Sophie-Tith est venue faire un duo avec moi sur scène, à Nogent-sur-Oise. Elle est retournée à l'école, elle est débordée. Elle pense à son prochain album et elle fait beaucoup de choses. Elle doit avoir la tête farcie ! Je pense qu'il ne faudrait pas trop la presser comme un citron, sinon je pense qu'elle va devenir folle ! En tout cas, c'est un diamant. C'est très rare !

L'émission vous rappelle-t-elle parfois votre premier casting ?
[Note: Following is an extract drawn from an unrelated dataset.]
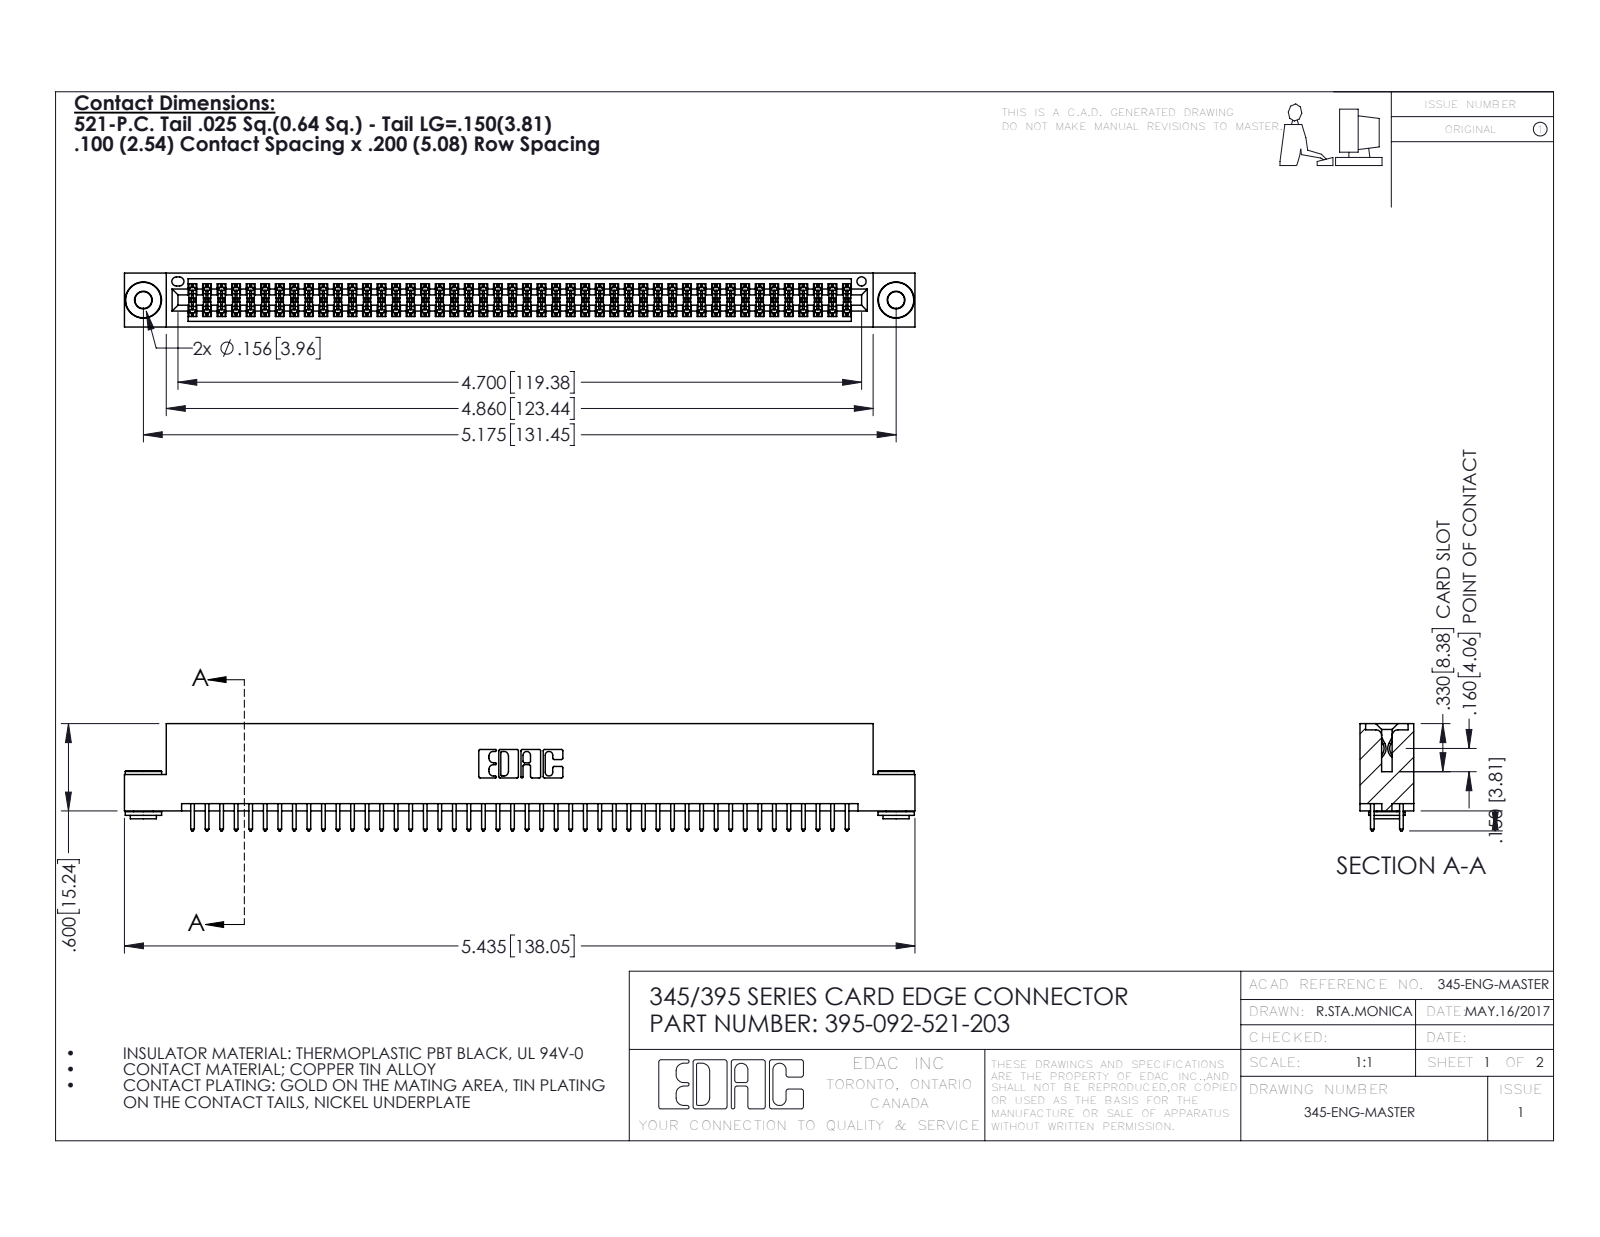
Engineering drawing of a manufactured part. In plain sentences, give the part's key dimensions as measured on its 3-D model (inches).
The part is named "345 Part_Flush Mounting Lugs - 0.156 Dia-TH; 345-250-002_345-250-002-102; 345-292-001_345-293-121; 395-092-521-203". Its 3-D file was written by "SolidWorks 2016 (CONFIG_CONTROL_DESIGN)". It is 95 solids with 4764 faces: 3126 planar, 1630 cylindrical and 8 other. Overall it measures 5.435 by 0.737 by 0.37 inches. Its volume is 0.819 cubic inches and its surface area 30.83 square inches. Round holes: 2 of diameter 0.116, 2 of diameter 0.156, 1 of diameter 0.064. Round bosses or shafts: 2 of diameter 0.25, 2 of diameter 0.18, 2 of diameter 0.136. Partial cylindrical surfaces (rounded edges, fillets, slot ends): 138 of radius 0.006, 92 of radius 0.01, 22 of radius 0.01, 6 of radius 0.007, 6 of radius 0.031, 3 of radius 0.026, 2 of radius 0.014, 2 of radius 0.019. The main face-to-face distances are 0.072, 0.298, 0.2, 0.025, 0.37, 0.098, 0.272, 0.225, 0.175, 0.149. The hole center spacings are 0.27, 4.939, 5.175.

Mon Dieu, si je m'en souviens ! J'ai participé à un télécrochet, c'était affreux. Ça s'appelait ''Voulez-vous jouer'', en Belgique. Pendant que vous chantiez, le public devait huer s'il n'aimait pas et applaudir, s'il vous aimait. Si vous aviez plus de huées, vous aviez une barrière qui montait. Avant la fin de la chanson, si elle arrivait au bout, vous étiez éjecté. Si par bonheur, les gens applaudissaient, la barrière restait en bas. J'ai eu autant de hués que d'applaudissements, j'ai donc pu aller jusqu'à la fin de la chanson, qui s'appelait ''J'ai le trac''. La barrière est cependant arrivée au bout, je n'ai donc pas pu revenir dans l'émission. Je suis partie en disant : ''fuck !'' (rires). J'en ai vécu des vertes et des pas mûres ! Un jour, on m'a même proposé de l'argent pour que j'arrête de chanter. Quand je chantais dans les restaurants, un mec m'a donné des sous car il disait que je chantais trop fort et que je l'empêchais de manger.